═════ STORED DATA ═════

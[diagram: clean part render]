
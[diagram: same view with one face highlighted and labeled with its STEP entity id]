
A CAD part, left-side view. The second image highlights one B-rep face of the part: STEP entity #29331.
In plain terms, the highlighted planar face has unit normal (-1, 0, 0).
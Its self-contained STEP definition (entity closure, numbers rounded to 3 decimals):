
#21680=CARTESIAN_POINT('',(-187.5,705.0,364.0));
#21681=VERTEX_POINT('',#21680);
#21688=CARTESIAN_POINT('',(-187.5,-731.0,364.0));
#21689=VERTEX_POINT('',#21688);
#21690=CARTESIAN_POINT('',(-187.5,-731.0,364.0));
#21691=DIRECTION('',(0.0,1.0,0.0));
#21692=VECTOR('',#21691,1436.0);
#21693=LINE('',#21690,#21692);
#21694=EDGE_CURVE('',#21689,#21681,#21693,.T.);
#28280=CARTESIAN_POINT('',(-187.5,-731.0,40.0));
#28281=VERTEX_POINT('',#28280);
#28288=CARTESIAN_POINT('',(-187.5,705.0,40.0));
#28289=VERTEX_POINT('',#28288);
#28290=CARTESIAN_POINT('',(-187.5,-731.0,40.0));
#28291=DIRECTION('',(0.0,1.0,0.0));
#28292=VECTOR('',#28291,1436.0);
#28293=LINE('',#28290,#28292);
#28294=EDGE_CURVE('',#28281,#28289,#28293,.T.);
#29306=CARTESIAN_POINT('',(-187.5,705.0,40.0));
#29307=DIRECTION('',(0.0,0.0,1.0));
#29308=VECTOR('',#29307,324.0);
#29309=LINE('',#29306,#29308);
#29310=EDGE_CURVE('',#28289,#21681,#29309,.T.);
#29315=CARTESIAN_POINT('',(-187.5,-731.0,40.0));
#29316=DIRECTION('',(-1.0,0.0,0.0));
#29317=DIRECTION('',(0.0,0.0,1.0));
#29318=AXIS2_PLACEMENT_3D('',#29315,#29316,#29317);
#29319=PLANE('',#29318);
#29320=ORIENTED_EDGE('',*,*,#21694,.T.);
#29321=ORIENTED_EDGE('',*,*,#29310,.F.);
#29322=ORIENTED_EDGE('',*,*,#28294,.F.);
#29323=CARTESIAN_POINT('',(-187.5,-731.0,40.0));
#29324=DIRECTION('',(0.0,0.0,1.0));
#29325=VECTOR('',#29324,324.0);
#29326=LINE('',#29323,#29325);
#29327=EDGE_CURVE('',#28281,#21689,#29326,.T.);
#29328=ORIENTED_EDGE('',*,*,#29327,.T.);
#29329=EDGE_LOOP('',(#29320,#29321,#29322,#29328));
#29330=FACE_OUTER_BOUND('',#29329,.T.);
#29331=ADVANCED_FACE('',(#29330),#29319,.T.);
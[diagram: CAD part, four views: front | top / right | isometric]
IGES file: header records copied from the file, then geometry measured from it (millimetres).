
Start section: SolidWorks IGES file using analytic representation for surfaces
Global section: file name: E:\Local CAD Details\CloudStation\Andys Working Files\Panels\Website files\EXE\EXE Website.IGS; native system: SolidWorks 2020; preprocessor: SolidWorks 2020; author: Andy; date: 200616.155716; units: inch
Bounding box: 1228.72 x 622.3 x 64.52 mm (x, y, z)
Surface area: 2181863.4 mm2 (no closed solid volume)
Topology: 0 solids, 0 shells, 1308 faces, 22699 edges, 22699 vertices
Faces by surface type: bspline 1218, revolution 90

═════

• _GOAL OF THE EXERCISE_
Give back all the records above exactly. Keep every word.

• _SOLUTION TO THIS EXERCISE_
[diagram: clean part render]
[diagram: same view with one face highlighted and labeled with its STEP entity id]
A CAD part, left-side view. The second image highlights one B-rep face of the part: STEP entity #29331.
In plain terms, the highlighted planar face has unit normal (-1, 0, 0).
Its self-contained STEP definition (entity closure, numbers rounded to 3 decimals):
#21680=CARTESIAN_POINT('',(-187.5,705.0,364.0));
#21681=VERTEX_POINT('',#21680);
#21688=CARTESIAN_POINT('',(-187.5,-731.0,364.0));
#21689=VERTEX_POINT('',#21688);
#21690=CARTESIAN_POINT('',(-187.5,-731.0,364.0));
#21691=DIRECTION('',(0.0,1.0,0.0));
#21692=VECTOR('',#21691,1436.0);
#21693=LINE('',#21690,#21692);
#21694=EDGE_CURVE('',#21689,#21681,#21693,.T.);
#28280=CARTESIAN_POINT('',(-187.5,-731.0,40.0));
#28281=VERTEX_POINT('',#28280);
#28288=CARTESIAN_POINT('',(-187.5,705.0,40.0));
#28289=VERTEX_POINT('',#28288);
#28290=CARTESIAN_POINT('',(-187.5,-731.0,40.0));
#28291=DIRECTION('',(0.0,1.0,0.0));
#28292=VECTOR('',#28291,1436.0);
#28293=LINE('',#28290,#28292);
#28294=EDGE_CURVE('',#28281,#28289,#28293,.T.);
#29306=CARTESIAN_POINT('',(-187.5,705.0,40.0));
#29307=DIRECTION('',(0.0,0.0,1.0));
#29308=VECTOR('',#29307,324.0);
#29309=LINE('',#29306,#29308);
#29310=EDGE_CURVE('',#28289,#21681,#29309,.T.);
#29315=CARTESIAN_POINT('',(-187.5,-731.0,40.0));
#29316=DIRECTION('',(-1.0,0.0,0.0));
#29317=DIRECTION('',(0.0,0.0,1.0));
#29318=AXIS2_PLACEMENT_3D('',#29315,#29316,#29317);
#29319=PLANE('',#29318);
#29320=ORIENTED_EDGE('',*,*,#21694,.T.);
#29321=ORIENTED_EDGE('',*,*,#29310,.F.);
#29322=ORIENTED_EDGE('',*,*,#28294,.F.);
#29323=CARTESIAN_POINT('',(-187.5,-731.0,40.0));
#29324=DIRECTION('',(0.0,0.0,1.0));
#29325=VECTOR('',#29324,324.0);
#29326=LINE('',#29323,#29325);
#29327=EDGE_CURVE('',#28281,#21689,#29326,.T.);
#29328=ORIENTED_EDGE('',*,*,#29327,.T.);
#29329=EDGE_LOOP('',(#29320,#29321,#29322,#29328));
#29330=FACE_OUTER_BOUND('',#29329,.T.);
#29331=ADVANCED_FACE('',(#29330),#29319,.T.);
[diagram: CAD part, four views: front | top / right | isometric]
IGES file: header records copied from the file, then geometry measured from it (millimetres).
Start section: SolidWorks IGES file using analytic representation for surfaces
Global section: file name: E:\Local CAD Details\CloudStation\Andys Working Files\Panels\Website files\EXE\EXE Website.IGS; native system: SolidWorks 2020; preprocessor: SolidWorks 2020; author: Andy; date: 200616.155716; units: inch
Bounding box: 1228.72 x 622.3 x 64.52 mm (x, y, z)
Surface area: 2181863.4 mm2 (no closed solid volume)
Topology: 0 solids, 0 shells, 1308 faces, 22699 edges, 22699 vertices
Faces by surface type: bspline 1218, revolution 90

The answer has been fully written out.